Moved .net DNS to cloudflare (still pointing to Github Pages, turned SSL off)
Replaced fixed GH pages A addresses with CNAME ("flattened" by CF) to cben.github.io - works.

[cben]

Got also a mathdown.net cert, added to RHcloud* (turned out they support multiple domains with separate certs trivially).

*I've been mostly refering to it as Openshift but to be precise Openshift is the (open source) software and RHcloud is the openshift hosting run by RedHat.

[cben]

TODO: intelligent redirects (and/or rel=canonical) http->https, and .com -> .net.

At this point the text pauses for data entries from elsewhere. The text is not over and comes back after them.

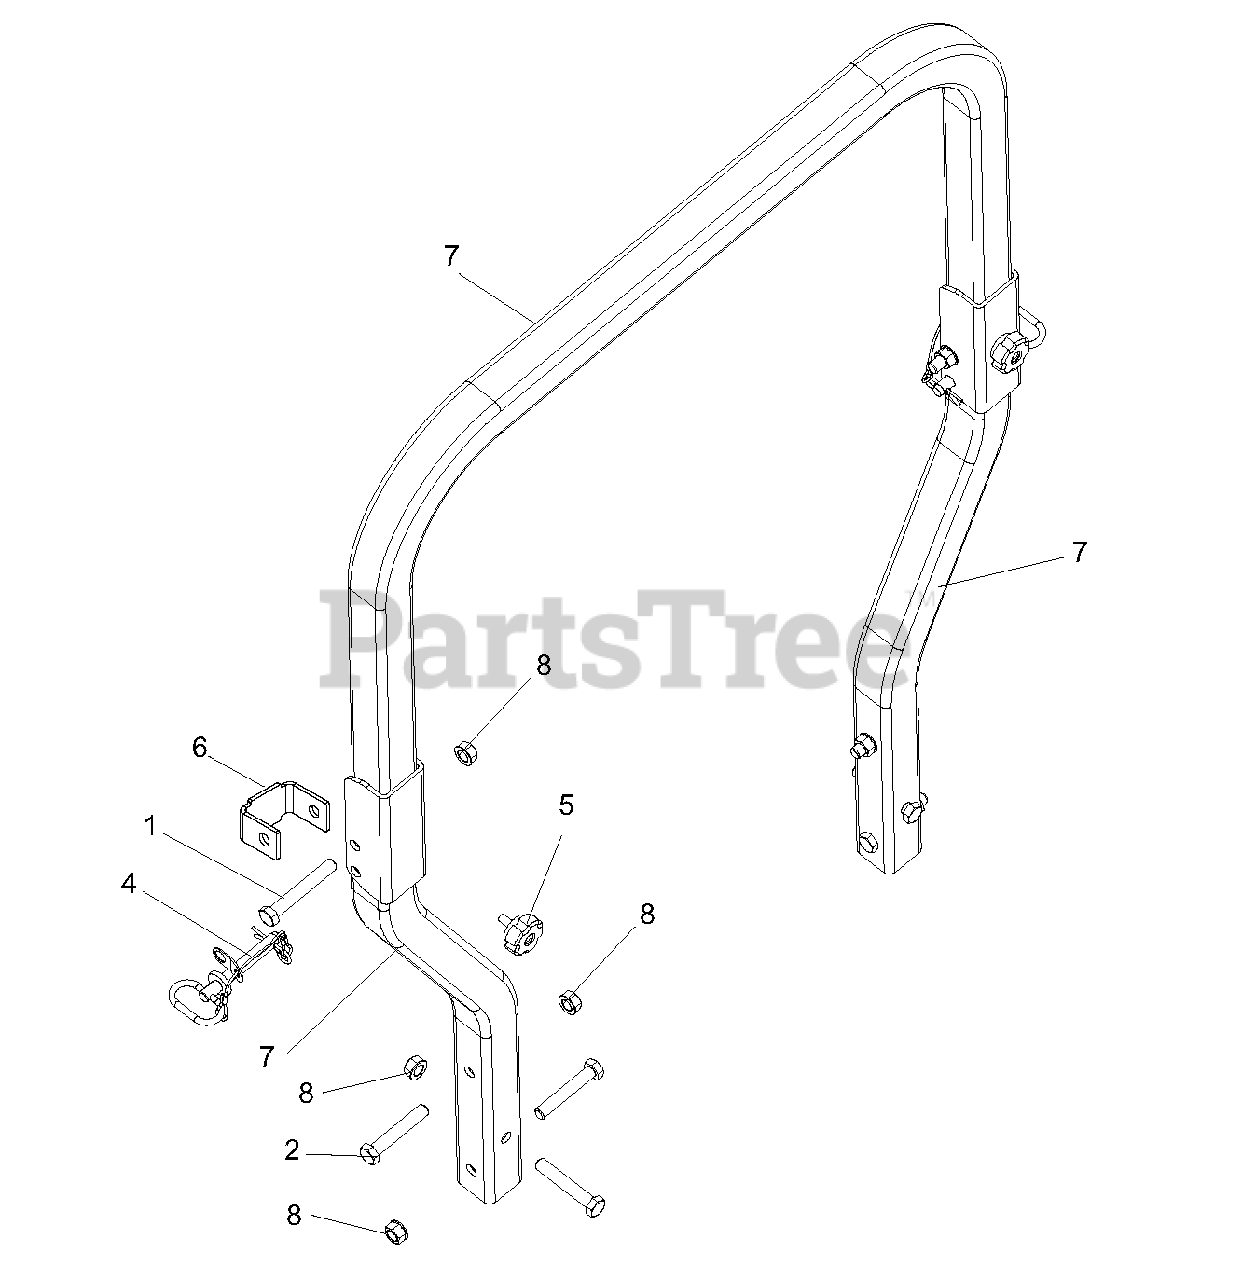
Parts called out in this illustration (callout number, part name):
1	BLT-HEX .50-13X3.50 GR5 YWZC
2	BLT-HEX .50-13X3.00 GR5 YWZC
4	ASSY, ROPS PIN/LANYARD
5	KNOB, ROUND 5/16-18 X .750
6	BRKT, ROPS STOP
7	ROPS, PRO-TURN 400 REPLACEMENT
8	NUT, LK-TOP-FLG .50-13 YWZC

• Want both server-side redirect from server.js and client side for GH Pages https.
• Should look into libs for running same routing logic on client and server.
• Openshift (and probably Heroku) terminate TLS in the reverse proxy; need to check x-forwarding
  [https://help.openshift.com/hc/en-us/articles/203263674-What-external-ports-are-available-on-OpenShift-]

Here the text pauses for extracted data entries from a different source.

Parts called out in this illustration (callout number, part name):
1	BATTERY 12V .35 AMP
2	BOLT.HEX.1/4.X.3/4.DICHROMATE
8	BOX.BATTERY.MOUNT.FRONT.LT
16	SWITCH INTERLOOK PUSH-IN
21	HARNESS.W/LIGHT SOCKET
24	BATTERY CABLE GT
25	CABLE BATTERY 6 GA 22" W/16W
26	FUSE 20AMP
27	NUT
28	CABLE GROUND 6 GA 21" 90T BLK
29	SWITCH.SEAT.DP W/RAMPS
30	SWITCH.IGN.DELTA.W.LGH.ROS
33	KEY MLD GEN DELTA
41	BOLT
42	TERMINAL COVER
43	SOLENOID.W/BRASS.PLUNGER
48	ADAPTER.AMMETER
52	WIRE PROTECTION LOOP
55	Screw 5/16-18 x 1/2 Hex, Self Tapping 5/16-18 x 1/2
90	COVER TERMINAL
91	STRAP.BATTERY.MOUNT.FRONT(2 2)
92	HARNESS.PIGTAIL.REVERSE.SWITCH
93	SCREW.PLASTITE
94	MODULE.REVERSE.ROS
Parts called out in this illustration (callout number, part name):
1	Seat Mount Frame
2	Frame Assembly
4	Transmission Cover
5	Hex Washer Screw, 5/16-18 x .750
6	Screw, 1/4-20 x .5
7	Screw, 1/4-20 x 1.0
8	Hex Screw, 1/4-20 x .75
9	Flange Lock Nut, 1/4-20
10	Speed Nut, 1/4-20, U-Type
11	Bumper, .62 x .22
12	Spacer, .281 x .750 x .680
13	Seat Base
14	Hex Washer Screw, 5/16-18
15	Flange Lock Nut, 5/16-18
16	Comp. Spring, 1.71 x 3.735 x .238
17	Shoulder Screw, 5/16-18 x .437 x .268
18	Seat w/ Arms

good checklist doc for migration to HTTPS: https://docs.google.com/document/d/1oRXJUIttqQxuxmjj2tgYjj096IKw4Zcw6eAoIKWZ2oQ/edit#

• Verify no mixed-content errors? Currently clean but see if this can ensured in tests.
• HSTS should be possible simply by setting response header.

[cben]

I flipped mathdown.net DNS yesterday to RHcloud (yay!) but turns out I miscofigured certs:
https://mathdown.net and https://mathdown.com/ work but with www. they give error:

This server could not prove that it is www.mathdown.com; its security certificate is from *.rhcloud.com. This may be caused by a misconfiguration or an attacker intercepting your connection.

And similarly:

This server could not prove that it is www.mathdown.com; its security certificate is from *.rhcloud.com. This may be caused by a misconfiguration or an attacker intercepting your connection.

[cben]

Just to conclude: https://www.ssllabs.com/ssltest/analyze.html?d=mathdown.net :-)
Main caveat: This site works only in browsers with SNI support.
Opening new issue(s) for redirects & HSTS followup.